Barbara, Lafer, Winterscheidt und Co.

Die Chancen und Risiken der Promi-Magazine

Die erste Ausgabe von "JWD" verkaufte sich 70.000 Mal
© Gruner+Jahr
Die erste Ausgabe von "JWD" verkaufte sich 70.000 Mal
Celebrity-Titel boomen - allein Gruner + Jahr wird zum Ende des Jahres vier Magazine im Portfolio haben, für die eine prominente Person Pate steht. Was macht den Reiz der Promi-Magazine aus? Henner Mamane, Geschäftsführer der Berliner Celebrity-Marketing-Agentur Think Out of the Box, ordnet den Trend gegenüber HORIZONT Online ein.
Der Jahreszeiten Verlag kocht mit Johann Lafer und praktiziert mit Johann Wimmer, die Bauer Media Group hat ein ganzes Magazin um Daniela Katzenberger entwickelt. Doch kein Verlag treibt es so wild im Personality-Segment wie Gruner + Jahr. 2015 starteten die Hamburger mit Barbara Schöneberger, es folgten Eckhart von Hirschhausen und Joko Winterscheidt. Und noch in diesem Jahr will G+J ein Magazin von und mit Mode-Ikone Guido Maria Kretschmer an den Kiosk bringen.

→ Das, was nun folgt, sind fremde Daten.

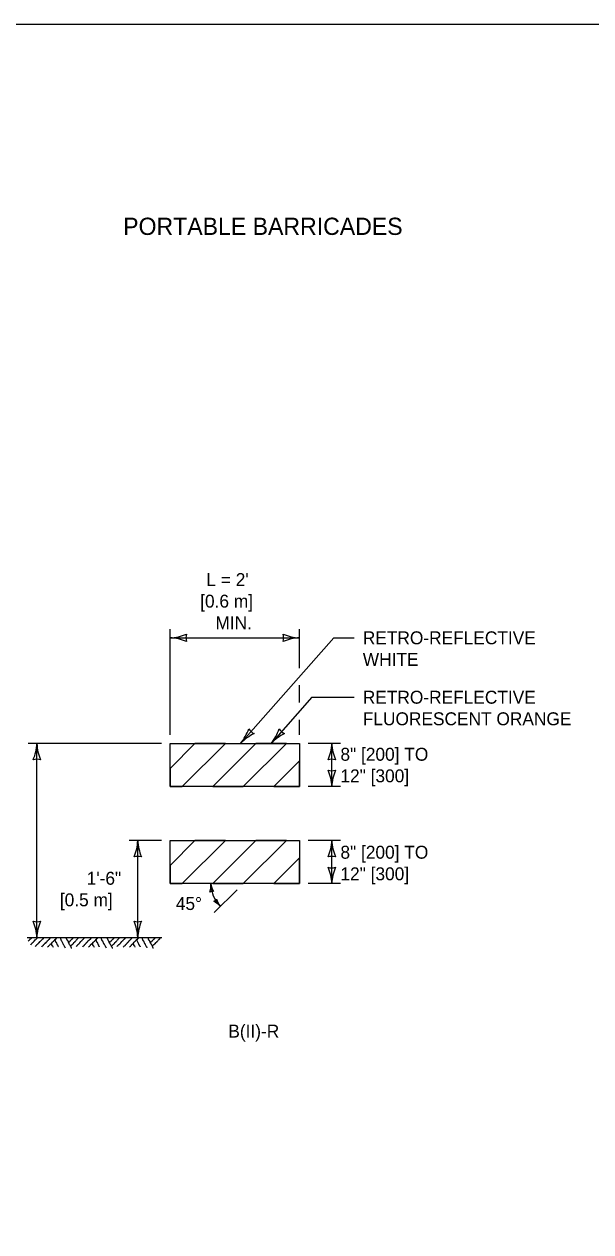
# Model space of a CAD drawing. Extents: x 49991.4 to 50021, y 49987.6 to 50011.4.
# Drawn here: x 50002.59 to 50005.22, y 49993.4 to 49999 of the extents above; entities that cross this region are included whole.
import ezdxf

# ---------------------------------------------------------------- set-up
doc = ezdxf.new("R2010")
doc.units = 0
for name, color, linetype in [('Level 1', 7, 'Continuous'), ('Level 2', 7, 'Continuous'), ('Level 3', 7, 'Continuous')]:
    doc.layers.add(name, color=color, linetype=linetype)

msp = doc.modelspace()

# ---------------------------------------------------------------- linework, layer by layer
at = {"layer": 'Level 1'}
for p, q in [((50003.2643, 49995.5483), (50003.3794, 49995.6636)), ((50003.3794, 49995.6636), (50003.2643, 49995.5483)), ((50003.321, 49995.4636), (50003.5207, 49995.6636)), ((50003.321, 49995.4636), (50003.5207, 49995.6636)), ((50003.4623, 49995.4636), (50003.662, 49995.6636)), ((50003.662, 49995.6636), (50003.4623, 49995.4636)), ((50003.6037, 49995.4636), (50003.8034, 49995.6636)), ((50003.6037, 49995.4636), (50003.8034, 49995.6636)), ((50003.7449, 49995.4636), (50003.8643, 49995.5832)), ((50003.8643, 49995.5832), (50003.7449, 49995.4636)), ((50003.2643, 49995.0983), (50003.3794, 49995.2136)), ((50003.3794, 49995.2136), (50003.2643, 49995.0983)), ((50003.321, 49995.0136), (50003.5207, 49995.2136)), ((50003.321, 49995.0136), (50003.5207, 49995.2136)), ((50003.4623, 49995.0136), (50003.662, 49995.2136)), ((50003.662, 49995.2136), (50003.4623, 49995.0136)), ((50003.6037, 49995.0136), (50003.8034, 49995.2136)), ((50003.6037, 49995.0136), (50003.8034, 49995.2136)), ((50003.7449, 49995.0136), (50003.8643, 49995.1332)), ((50003.8643, 49995.1332), (50003.7449, 49995.0136))]:
    msp.add_line(p, q, dxfattribs=at)
for points in [[(49999.3835, 49998.9992), (50016.7501, 49998.9992), (50016.7501, 49987.7988), (49999.3835, 49987.7988)], [(50003.2643, 49995.6636), (50003.8643, 49995.6636), (50003.8643, 49995.4636), (50003.2643, 49995.4636)], [(50003.2643, 49995.2136), (50003.8643, 49995.2136), (50003.8643, 49995.0136), (50003.2643, 49995.0136)]]:
    msp.add_lwpolyline(points, close=True, dxfattribs=at)
for points in [[(50003.5207, 49995.6636), (50003.3794, 49995.6636)], [(50003.8034, 49995.6636), (50003.662, 49995.6636)], [(50003.7449, 49995.4636), (50003.8643, 49995.4636), (50003.8643, 49995.5832)], [(50003.2643, 49995.5483), (50003.2643, 49995.4636)], [(50003.2643, 49995.4636), (50003.321, 49995.4636)], [(50003.4623, 49995.4636), (50003.6037, 49995.4636)], [(50003.5207, 49995.2136), (50003.3794, 49995.2136)], [(50003.8034, 49995.2136), (50003.662, 49995.2136)], [(50003.7449, 49995.0136), (50003.8643, 49995.0136), (50003.8643, 49995.1332)], [(50003.2643, 49995.0983), (50003.2643, 49995.0136)], [(50003.2643, 49995.0136), (50003.321, 49995.0136)], [(50003.4623, 49995.0136), (50003.6037, 49995.0136)], [(50002.6211, 49994.7636), (50002.6209, 49994.761), (50002.6177, 49994.7583), (50002.6176, 49994.7568), (50002.6161, 49994.757), (50002.6144, 49994.7542), (50002.613, 49994.7543), (50002.6128, 49994.7528), (50002.6097, 49994.7502), (50002.6096, 49994.7488), (50002.6081, 49994.7489), (50002.6065, 49994.7462)], [(50002.6513, 49994.7636), (50002.6424, 49994.7562), (50002.6423, 49994.7547), (50002.6409, 49994.7548), (50002.6392, 49994.7521), (50002.6362, 49994.7508), (50002.6343, 49994.7467), (50002.6313, 49994.7454), (50002.6312, 49994.744), (50002.628, 49994.7413), (50002.6279, 49994.7398), (50002.6264, 49994.7399), (50002.6247, 49994.7372), (50002.6233, 49994.7373), (50002.6231, 49994.7359), (50002.62, 49994.7332), (50002.6199, 49994.7317), (50002.6184, 49994.7319), (50002.6167, 49994.729)], [(50002.6784, 49994.7636), (50002.6722, 49994.7566), (50002.6721, 49994.7551), (50002.6706, 49994.7552), (50002.6689, 49994.7524), (50002.6642, 49994.7484), (50002.664, 49994.747), (50002.6625, 49994.7472), (50002.6608, 49994.7444), (50002.6579, 49994.7431), (50002.656, 49994.7389), (50002.653, 49994.7376), (50002.6529, 49994.7362), (50002.6496, 49994.7336), (50002.6495, 49994.7321), (50002.6481, 49994.7322), (50002.6464, 49994.7295), (50002.645, 49994.7296), (50002.6448, 49994.7281), (50002.6417, 49994.7255), (50002.6416, 49994.724), (50002.6401, 49994.7241), (50002.6383, 49994.7213)], [(50002.7099, 49994.7636), (50002.7017, 49994.7544), (50002.7016, 49994.7529), (50002.7001, 49994.7531), (50002.6983, 49994.7503), (50002.6937, 49994.7463), (50002.6936, 49994.7449), (50002.6921, 49994.745), (50002.6904, 49994.7421), (50002.6873, 49994.741), (50002.6855, 49994.7367), (50002.6825, 49994.7355), (50002.6824, 49994.7341), (50002.6792, 49994.7315), (50002.679, 49994.73), (50002.6776, 49994.7301), (50002.6759, 49994.7273), (50002.6744, 49994.7275), (50002.6743, 49994.726), (50002.6711, 49994.7233), (50002.671, 49994.7218), (50002.6696, 49994.722), (50002.6679, 49994.7192)], [(50002.7386, 49994.7636), (50002.7299, 49994.7538), (50002.7297, 49994.7524), (50002.7282, 49994.7525), (50002.7266, 49994.7497), (50002.7218, 49994.7457), (50002.7217, 49994.7443), (50002.7202, 49994.7444), (50002.7186, 49994.7416), (50002.7156, 49994.7404), (50002.7137, 49994.7361), (50002.7106, 49994.7349), (50002.7105, 49994.7335), (50002.7073, 49994.7309), (50002.7072, 49994.7294), (50002.7058, 49994.7295), (50002.704, 49994.7267), (50002.7027, 49994.7268), (50002.7025, 49994.7254), (50002.6993, 49994.7227), (50002.6992, 49994.7213), (50002.6978, 49994.7214), (50002.696, 49994.7186)], [(50002.713, 49994.7376), (50002.7165, 49994.7271), (50002.7194, 49994.7254), (50002.7218, 49994.7194)], [(50002.7295, 49994.7538), (50002.733, 49994.7433), (50002.7357, 49994.7416), (50002.7406, 49994.7294), (50002.742, 49994.7293), (50002.7433, 49994.7263), (50002.7431, 49994.7248), (50002.7458, 49994.7216), (50002.7461, 49994.7209)], [(50002.754, 49994.7636), (50002.7586, 49994.7502), (50002.7613, 49994.7485), (50002.7661, 49994.7363), (50002.7676, 49994.7362), (50002.7687, 49994.7333), (50002.7686, 49994.7318), (50002.7713, 49994.7287), (50002.7736, 49994.7226), (50002.7751, 49994.7224), (50002.7777, 49994.7161)], [(50002.7815, 49994.7636), (50002.7851, 49994.7527), (50002.7878, 49994.751), (50002.7927, 49994.7389), (50002.7942, 49994.7388), (50002.7954, 49994.7357), (50002.7952, 49994.7342), (50002.7979, 49994.7311), (50002.8004, 49994.725), (50002.8017, 49994.7249), (50002.8054, 49994.7158), (50002.8083, 49994.7156)], [(50002.8155, 49994.7636), (50002.8093, 49994.7565), (50002.8092, 49994.755), (50002.8077, 49994.7552), (50002.806, 49994.7524), (50002.8012, 49994.7484), (50002.801, 49994.747), (50002.7996, 49994.7471), (50002.7979, 49994.7443), (50002.7949, 49994.7431), (50002.7942, 49994.7415)], [(50002.841, 49994.7636), (50002.8309, 49994.7525), (50002.8308, 49994.751), (50002.8293, 49994.7511), (50002.8277, 49994.7483), (50002.8229, 49994.7444), (50002.8228, 49994.7429), (50002.8213, 49994.7431), (50002.8196, 49994.7403), (50002.8166, 49994.739), (50002.8147, 49994.7348), (50002.8116, 49994.7336), (50002.8115, 49994.7321), (50002.8084, 49994.7294), (50002.8082, 49994.728), (50002.8068, 49994.7281), (50002.8051, 49994.7254), (50002.8037, 49994.7255), (50002.8037, 49994.7251)], [(50002.8681, 49994.7636), (50002.8619, 49994.7566), (50002.8618, 49994.7551), (50002.8603, 49994.7552), (50002.8586, 49994.7524), (50002.8539, 49994.7484), (50002.8537, 49994.747), (50002.8522, 49994.7472), (50002.8505, 49994.7444), (50002.8476, 49994.7431), (50002.8457, 49994.7389), (50002.8427, 49994.7376), (50002.8426, 49994.7362), (50002.8393, 49994.7336), (50002.8392, 49994.7321), (50002.8378, 49994.7322), (50002.8361, 49994.7295), (50002.8347, 49994.7296), (50002.8345, 49994.7281), (50002.8314, 49994.7255), (50002.8313, 49994.724), (50002.8298, 49994.7241), (50002.828, 49994.7213)], [(50002.8996, 49994.7636), (50002.8914, 49994.7544), (50002.8913, 49994.7529), (50002.8898, 49994.7531), (50002.888, 49994.7503), (50002.8834, 49994.7463), (50002.8833, 49994.7449), (50002.8818, 49994.745), (50002.8801, 49994.7421), (50002.877, 49994.741), (50002.8752, 49994.7367), (50002.8722, 49994.7355), (50002.8721, 49994.7341), (50002.8689, 49994.7315), (50002.8687, 49994.73), (50002.8673, 49994.7301), (50002.8656, 49994.7273), (50002.8641, 49994.7275), (50002.864, 49994.726), (50002.8608, 49994.7233), (50002.8607, 49994.7218), (50002.8593, 49994.722), (50002.8576, 49994.7192)], [(50002.9283, 49994.7636), (50002.9196, 49994.7538), (50002.9194, 49994.7524), (50002.9179, 49994.7525), (50002.9163, 49994.7497), (50002.9115, 49994.7457), (50002.9114, 49994.7443), (50002.9099, 49994.7444), (50002.9083, 49994.7416), (50002.9053, 49994.7404), (50002.9034, 49994.7361), (50002.9003, 49994.7349), (50002.9002, 49994.7335), (50002.897, 49994.7309), (50002.8969, 49994.7294), (50002.8955, 49994.7295), (50002.8937, 49994.7267), (50002.8924, 49994.7268), (50002.8922, 49994.7254), (50002.889, 49994.7227), (50002.8889, 49994.7213), (50002.8875, 49994.7214), (50002.8857, 49994.7186)], [(50002.9027, 49994.7376), (50002.9062, 49994.7271), (50002.9091, 49994.7254), (50002.9115, 49994.7194)], [(50002.9192, 49994.7538), (50002.9227, 49994.7433), (50002.9254, 49994.7416), (50002.9303, 49994.7294), (50002.9317, 49994.7293), (50002.933, 49994.7263), (50002.9328, 49994.7248), (50002.9355, 49994.7216), (50002.9358, 49994.7209)], [(50002.9437, 49994.7636), (50002.9483, 49994.7502), (50002.951, 49994.7485), (50002.9558, 49994.7363), (50002.9573, 49994.7362), (50002.9584, 49994.7333), (50002.9583, 49994.7318), (50002.961, 49994.7287), (50002.9633, 49994.7226), (50002.9648, 49994.7224), (50002.9674, 49994.7161)], [(50002.9712, 49994.7636), (50002.9748, 49994.7527), (50002.9775, 49994.751), (50002.9824, 49994.7389), (50002.9839, 49994.7388), (50002.9851, 49994.7357), (50002.9849, 49994.7342), (50002.9876, 49994.7311), (50002.9901, 49994.725), (50002.9914, 49994.7249), (50002.9951, 49994.7158), (50002.998, 49994.7156)], [(50003.0052, 49994.7636), (50002.999, 49994.7565), (50002.9989, 49994.755), (50002.9974, 49994.7552), (50002.9957, 49994.7524), (50002.9909, 49994.7484), (50002.9907, 49994.747), (50002.9893, 49994.7471), (50002.9876, 49994.7443), (50002.9846, 49994.7431), (50002.9839, 49994.7415)], [(50003.0307, 49994.7636), (50003.0206, 49994.7525), (50003.0205, 49994.751), (50003.019, 49994.7511), (50003.0174, 49994.7483), (50003.0126, 49994.7444), (50003.0125, 49994.7429), (50003.011, 49994.7431), (50003.0093, 49994.7403), (50003.0063, 49994.739), (50003.0044, 49994.7348), (50003.0013, 49994.7336), (50003.0012, 49994.7321), (50002.9981, 49994.7294), (50002.9979, 49994.728), (50002.9965, 49994.7281), (50002.9948, 49994.7254), (50002.9934, 49994.7255), (50002.9934, 49994.7251)], [(50003.0578, 49994.7636), (50003.0516, 49994.7566), (50003.0515, 49994.7551), (50003.05, 49994.7552), (50003.0483, 49994.7524), (50003.0436, 49994.7484), (50003.0434, 49994.747), (50003.0419, 49994.7472), (50003.0402, 49994.7444), (50003.0373, 49994.7431), (50003.0354, 49994.7389), (50003.0324, 49994.7376), (50003.0323, 49994.7362), (50003.029, 49994.7336), (50003.0289, 49994.7321), (50003.0275, 49994.7322), (50003.0258, 49994.7295), (50003.0244, 49994.7296), (50003.0242, 49994.7281), (50003.0211, 49994.7255), (50003.021, 49994.724), (50003.0195, 49994.7241), (50003.0177, 49994.7213)], [(50003.0893, 49994.7636), (50003.0811, 49994.7544), (50003.081, 49994.7529), (50003.0795, 49994.7531), (50003.0777, 49994.7503), (50003.0731, 49994.7463), (50003.073, 49994.7449), (50003.0715, 49994.745), (50003.0698, 49994.7421), (50003.0667, 49994.741), (50003.0649, 49994.7367), (50003.0619, 49994.7355), (50003.0618, 49994.7341), (50003.0586, 49994.7315), (50003.0584, 49994.73), (50003.057, 49994.7301), (50003.0553, 49994.7273), (50003.0538, 49994.7275), (50003.0537, 49994.726), (50003.0505, 49994.7233), (50003.0504, 49994.7218), (50003.049, 49994.722), (50003.0473, 49994.7192)], [(50003.118, 49994.7636), (50003.1093, 49994.7538), (50003.1091, 49994.7524), (50003.1076, 49994.7525), (50003.106, 49994.7497), (50003.1012, 49994.7457), (50003.1011, 49994.7443), (50003.0996, 49994.7444), (50003.098, 49994.7416), (50003.095, 49994.7404), (50003.0931, 49994.7361), (50003.09, 49994.7349), (50003.0899, 49994.7335), (50003.0867, 49994.7309), (50003.0866, 49994.7294), (50003.0852, 49994.7295), (50003.0834, 49994.7267), (50003.0821, 49994.7268), (50003.0819, 49994.7254), (50003.0787, 49994.7227), (50003.0786, 49994.7213), (50003.0772, 49994.7214), (50003.0754, 49994.7186)], [(50003.0924, 49994.7376), (50003.0959, 49994.7271), (50003.0988, 49994.7254), (50003.1012, 49994.7194)], [(50003.1089, 49994.7538), (50003.1124, 49994.7433), (50003.1151, 49994.7416), (50003.12, 49994.7294), (50003.1214, 49994.7293), (50003.1227, 49994.7263), (50003.1225, 49994.7248), (50003.1252, 49994.7216), (50003.1255, 49994.7209)], [(50003.1334, 49994.7636), (50003.138, 49994.7502), (50003.1407, 49994.7485), (50003.1455, 49994.7363), (50003.147, 49994.7362), (50003.1481, 49994.7333), (50003.148, 49994.7318), (50003.1507, 49994.7287), (50003.153, 49994.7226), (50003.1545, 49994.7224), (50003.1571, 49994.7161)], [(50003.1609, 49994.7636), (50003.1645, 49994.7527), (50003.1672, 49994.751), (50003.1721, 49994.7389), (50003.1736, 49994.7388), (50003.1748, 49994.7357), (50003.1746, 49994.7342), (50003.1773, 49994.7311), (50003.1798, 49994.725), (50003.1811, 49994.7249), (50003.1848, 49994.7158), (50003.1877, 49994.7156)], [(50003.1949, 49994.7636), (50003.1887, 49994.7565), (50003.1886, 49994.755), (50003.1871, 49994.7552), (50003.1854, 49994.7524), (50003.1806, 49994.7484), (50003.1804, 49994.747), (50003.179, 49994.7471), (50003.1773, 49994.7443), (50003.1743, 49994.7431), (50003.1736, 49994.7415)], [(50003.2204, 49994.7636), (50003.2103, 49994.7525), (50003.2102, 49994.751), (50003.2087, 49994.7511), (50003.2071, 49994.7483), (50003.2023, 49994.7444), (50003.2022, 49994.7429), (50003.2007, 49994.7431), (50003.199, 49994.7403), (50003.196, 49994.739), (50003.1941, 49994.7348), (50003.191, 49994.7336), (50003.1909, 49994.7321), (50003.1878, 49994.7294), (50003.1876, 49994.728), (50003.1862, 49994.7281), (50003.1845, 49994.7254), (50003.1831, 49994.7255), (50003.1831, 49994.7251)]]:
    msp.add_lwpolyline(points, dxfattribs=at)
at = {"layer": 'Level 2'}
msp.add_line((50002.6022, 49994.7636), (50003.2264, 49994.7636), dxfattribs=at)
at = {"layer": 'Level 3'}
for p, q in [((50003.2643, 49995.7036), (50003.2643, 49996.1936)), ((50003.8643, 49996.0134), (50003.8643, 49996.1936)), ((50003.2643, 49996.1536), (50003.8643, 49996.1536)), ((50004.0231, 49996.1536), (50003.5914, 49995.6636)), ((50004.0231, 49996.1536), (50004.118, 49996.1536)), ((50003.8643, 49995.8531), (50003.8643, 49995.9334)), ((50003.9216, 49995.8781), (50003.7326, 49995.6636)), ((50003.9216, 49995.8781), (50004.118, 49995.8781)), ((50003.8643, 49995.7036), (50003.8643, 49995.7731)), ((50003.2243, 49995.6636), (50002.6064, 49995.6636)), ((50002.6464, 49994.7636), (50002.6464, 49995.6636)), ((50004.0543, 49995.6636), (50003.9043, 49995.6636)), ((50004.0143, 49995.4636), (50004.0143, 49995.6636)), ((50004.0543, 49995.4636), (50003.9043, 49995.4636)), ((50003.2243, 49995.2136), (50003.0743, 49995.2136)), ((50003.1143, 49994.7636), (50003.1143, 49995.2136)), ((50004.0543, 49995.2136), (50003.9043, 49995.2136)), ((50004.0143, 49995.0136), (50004.0143, 49995.2136)), ((50004.0543, 49995.0136), (50003.9043, 49995.0136)), ((50003.5754, 49994.9853), (50003.4692, 49994.8794))]:
    msp.add_line(p, q, dxfattribs=at)
for centre, radius, start, end in [((50003.2528, 49996.3863), 0.233, 272.8273, 292.0772), ((50003.2552, 49995.9314), 0.2223, 67.456, 87.6395), ((50003.3926, 49996.1536), 0.0548, 162.1388, 197.8612), ((50003.8735, 49996.3757), 0.2223, 247.456, 267.6395), ((50003.7361, 49996.1536), 0.0548, 342.1388, 17.8612), ((50003.8758, 49995.9208), 0.233, 92.8273, 112.0772), ((50003.4092, 49995.8088), 0.233, 321.4511, 340.7009), ((50003.6762, 49995.7598), 0.0548, 210.7626, 246.485), ((50003.5504, 49995.8087), 0.233, 321.454, 340.7038), ((50003.8174, 49995.7598), 0.0548, 210.7655, 246.4879), ((50003.7521, 49995.5099), 0.2223, 116.0798, 136.2633), ((50003.8933, 49995.5099), 0.2223, 116.0827, 136.2662), ((50002.4242, 49995.6727), 0.2223, 337.456, 357.6395), ((50002.8791, 49995.675), 0.233, 182.8273, 202.0772), ((50003.7922, 49995.6727), 0.2223, 337.456, 357.6395), ((50004.2471, 49995.675), 0.233, 182.8273, 202.0772), ((50002.6464, 49995.5353), 0.0548, 72.1388, 107.8612), ((50004.0143, 49995.5353), 0.0548, 72.1388, 107.8612), ((50004.0143, 49995.5918), 0.0548, 252.1388, 287.8612), ((50003.7816, 49995.4521), 0.233, 2.8273, 22.0772), ((50004.2365, 49995.4544), 0.2223, 157.456, 177.6395), ((50002.8922, 49995.2227), 0.2223, 337.456, 357.6395), ((50003.3471, 49995.225), 0.233, 182.8273, 202.0772), ((50003.7922, 49995.2227), 0.2223, 337.456, 357.6395), ((50004.2471, 49995.225), 0.233, 182.8273, 202.0772), ((50003.1143, 49995.0853), 0.0548, 72.1388, 107.8612), ((50004.0143, 49995.0853), 0.0548, 72.1388, 107.8612), ((50004.0143, 49995.1418), 0.0548, 252.1388, 287.8612), ((50003.7816, 49995.0021), 0.233, 2.8273, 22.0772), ((50004.2365, 49995.0044), 0.2223, 157.456, 177.6395), ((50003.3427, 49995.0077), 0.1112, 342.8326, 3.0161), ((50003.569, 49995.0302), 0.1165, 188.2039, 207.4537), ((50003.6037, 49995.0136), 0.15, 183.8545, 220.3605), ((50003.4597, 49994.9497), 0.0274, 77.5154, 113.2378), ((50003.4571, 49994.9574), 0.0274, 291.2236, 326.946), ((50003.4108, 49994.8298), 0.1165, 41.9121, 61.162), ((50003.5866, 49994.9741), 0.1112, 196.5408, 216.7243), ((50002.6464, 49994.8918), 0.0548, 252.1388, 287.8612), ((50002.4137, 49994.7521), 0.233, 2.8273, 22.0772), ((50002.8685, 49994.7544), 0.2223, 157.456, 177.6395), ((50003.1143, 49994.8918), 0.0548, 252.1388, 287.8612), ((50002.8816, 49994.7521), 0.233, 2.8273, 22.0772), ((50003.3365, 49994.7544), 0.2223, 157.456, 177.6395)]:
    msp.add_arc(centre, radius, start, end, dxfattribs=at)

# ---------------------------------------------------------------- texts
at = {"layer": 'Level 2'}
for s, height, p in [('PORTABLE BARRICADES', 0.08, (50003.0467, 49998.0218)), ("L = 2'", 0.06, (50003.4325, 49996.3936)), ('[0.6 m]', 0.06, (50003.4037, 49996.2936)), ('MIN.', 0.06, (50003.4745, 49996.1936)), ('RETRO-REFLECTIVE', 0.06, (50004.158, 49996.1236)), ('WHITE', 0.06, (50004.158, 49996.0236)), ('RETRO-REFLECTIVE', 0.06, (50004.158, 49995.8481)), ('FLUORESCENT ORANGE', 0.06, (50004.158, 49995.7481)), ('8" [200] TO', 0.06, (50004.0543, 49995.5836)), ('12" [300]', 0.06, (50004.0543, 49995.4836)), ('8" [200] TO', 0.06, (50004.0543, 49995.1293)), ('1\'-6"', 0.06, (50002.8774, 49995.0086)), ('12" [300]', 0.06, (50004.0543, 49995.0293)), ('[0.5 m]', 0.06, (50002.753, 49994.9086)), ('45°', 0.06, (50003.2908, 49994.8914)), ('B(II)-R', 0.06, (50003.5343, 49994.2997))]:
    msp.add_text(s, height=height, dxfattribs=at).set_placement(p)

doc.saveas('drawing.dxf')

Innerhalb von drei Jahren sind also sieben Promi-Titel auf den Markt gekommen. Mamane glaubt aber nicht, dass es sich um ein Phänomen von kurzer Halbwertszeit handelt: "Da Testimonialwerbung keine Eintagsfliege ist, können wir vielleicht eher von einem Start eines Trends ausgehen", so der Agenturchef. Zumal es bei diesen Projekten auf einen langen Atem ankomme: Jeder Magazinlaunch sei mit enormen Kosten verbunden, die sich erst nach einiger Zeit amortisieren könnten, denn: "Eine Leserschaft baut sich auch erst meist im Laufe der Zeit auf und Werbepartner wollen eine gewisse Planbarkeit und Verlässlichkeit."
Henner Mamane
© Think Out Of The Box
Henner Mamane
Für die Verlage seien Personality-Magazine vor allem deswegen reizvoll, weil sie mit prominenten Mitherausgebern bzw. Testimonials viele Fliegen mit einer Klappe schlagen könnten, so Mamane: "Der Prominente steht für Glaubwürdigkeit in seinem Metier, hat hohe Sympathiewerte und eine mediale Relevanz, die entsprechende 'Unpaid PR' über die verlagseigenen Medien hinaus generiert. Zudem bringen Prominente ihre eigene Zielgruppe und Leserschaft mit."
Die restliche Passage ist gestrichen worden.